Pechtold maakte van de gelegenheid gebruik om zijn stempel op de
financiele plannen te drukken. Na drie dagen onderhandelen in de
fractiekamer van D66 werden VVD, CDA, D66, GroenLinks en ChristenUnie
het eens over onder ander beperking van de hypotheekrenteaftrek, een
snellere verhoging van de AOW-leeftijd en modernisering van het
ontslagrecht: maatregelen waar D66 al jaren voor pleitte, maar waar tot
dan toe geen meerderheid voor was in de Kamer.

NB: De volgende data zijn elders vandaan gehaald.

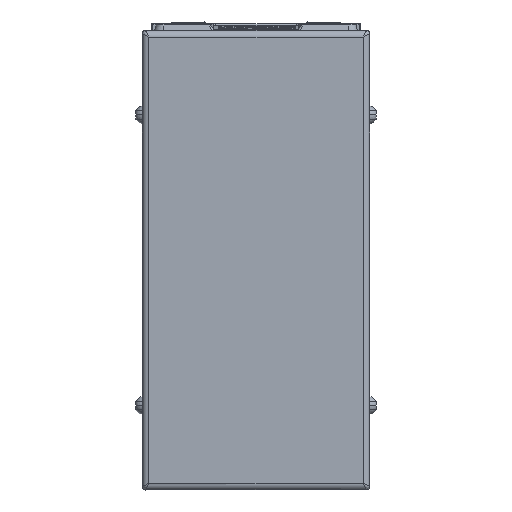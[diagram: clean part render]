
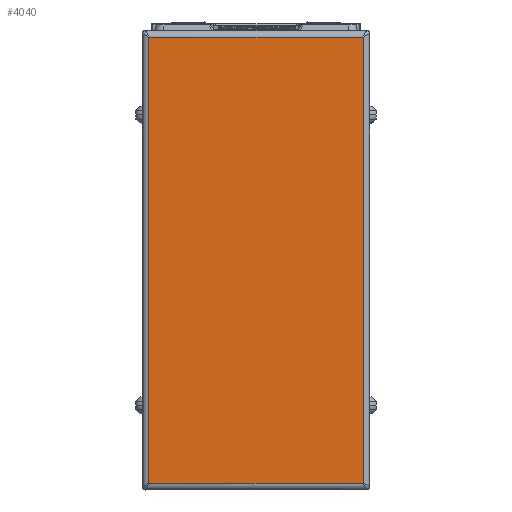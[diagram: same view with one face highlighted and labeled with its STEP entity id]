
A CAD part, left-side view. The second image highlights one B-rep face of the part: STEP entity #4040.
In plain terms, the highlighted planar face has unit normal (-1, 0, 0) as drawn and (0, 0, 1) by its records, which use the part's own axes.
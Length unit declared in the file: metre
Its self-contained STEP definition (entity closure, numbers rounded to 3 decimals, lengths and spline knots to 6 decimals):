
#4040=ADVANCED_FACE('',(#8404),#8405,.T.);
#8404=FACE_OUTER_BOUND('',#16373,.T.);
#8405=PLANE('',#16374);
#16373=EDGE_LOOP('',(#27024,#27025,#27026,#27027));
#16374=AXIS2_PLACEMENT_3D('',#27028,#27029,#27030);
#27024=ORIENTED_EDGE('',*,*,#35516,.F.);
#27025=ORIENTED_EDGE('',*,*,#34273,.F.);
#27026=ORIENTED_EDGE('',*,*,#35517,.F.);
#27027=ORIENTED_EDGE('',*,*,#35518,.F.);
#27028=CARTESIAN_POINT('',(-0.054,-0.014256,0.033889));
#27029=DIRECTION('',(0.0,0.0,1.0));
#27030=DIRECTION('',(1.0,0.0,0.0));
#34273=EDGE_CURVE('',#40937,#40933,#40939,.T.);
#35516=EDGE_CURVE('',#40933,#40269,#42633,.T.);
#35517=EDGE_CURVE('',#42634,#40937,#42635,.T.);
#35518=EDGE_CURVE('',#40269,#42634,#42636,.T.);
#40269=VERTEX_POINT('',#49176);
#40933=VERTEX_POINT('',#50221);
#40937=VERTEX_POINT('',#50235);
#40939=LINE('',#50246,#50247);
#42633=LINE('',#52819,#52820);
#42634=VERTEX_POINT('',#52821);
#42635=LINE('',#52822,#52823);
#42636=LINE('',#52824,#52825);
#49176=CARTESIAN_POINT('',(0.012,-0.045956,0.033889));
#50221=CARTESIAN_POINT('',(0.012,0.017444,0.033889));
#50235=CARTESIAN_POINT('',(-0.12,0.017444,0.033889));
#50246=CARTESIAN_POINT('',(-0.054,0.017444,0.033889));
#50247=VECTOR('',#58034,1.0);
#52819=CARTESIAN_POINT('',(0.012,-0.014256,0.033889));
#52820=VECTOR('',#59382,1.0);
#52821=CARTESIAN_POINT('',(-0.12,-0.045956,0.033889));
#52822=CARTESIAN_POINT('',(-0.12,-0.014256,0.033889));
#52823=VECTOR('',#59383,1.0);
#52824=CARTESIAN_POINT('',(-0.054,-0.045956,0.033889));
#52825=VECTOR('',#59384,1.0);
#58034=DIRECTION('',(1.0,0.0,0.0));
#59382=DIRECTION('',(0.0,-1.0,0.0));
#59383=DIRECTION('',(0.0,1.0,0.0));
#59384=DIRECTION('',(-1.0,0.0,0.0));

'Het Lenteakkoord was een van mijn hoogtepunten in de politiek: dat ik
met D66 voor het eerst directe invloed had op het regeringsbeleid. Het
was een keerpunt: van oppositiepartij werden we weer bestuurderspartij.
Terwijl Jan Kees de Jager met de pet in de hand langs de fracties ging,
werd ik gebeld door Arie Slob van de ChristenUnie: zullen we kijken wat
we bij Rutte voor elkaar kunnen krijgen? Samen met Jolande Sap van
GroenLinks hebben we toen voor 12,5 miljard aan de begroting verbouwd.'
'En de onderhandelingen vonden ook nog plaats in de fractiekamer van
D66. Dat is wat ik het mooist vind in de politiek: de procedures kennen,
het schaakbord overzien en de kans grijpen om echt iets te veranderen.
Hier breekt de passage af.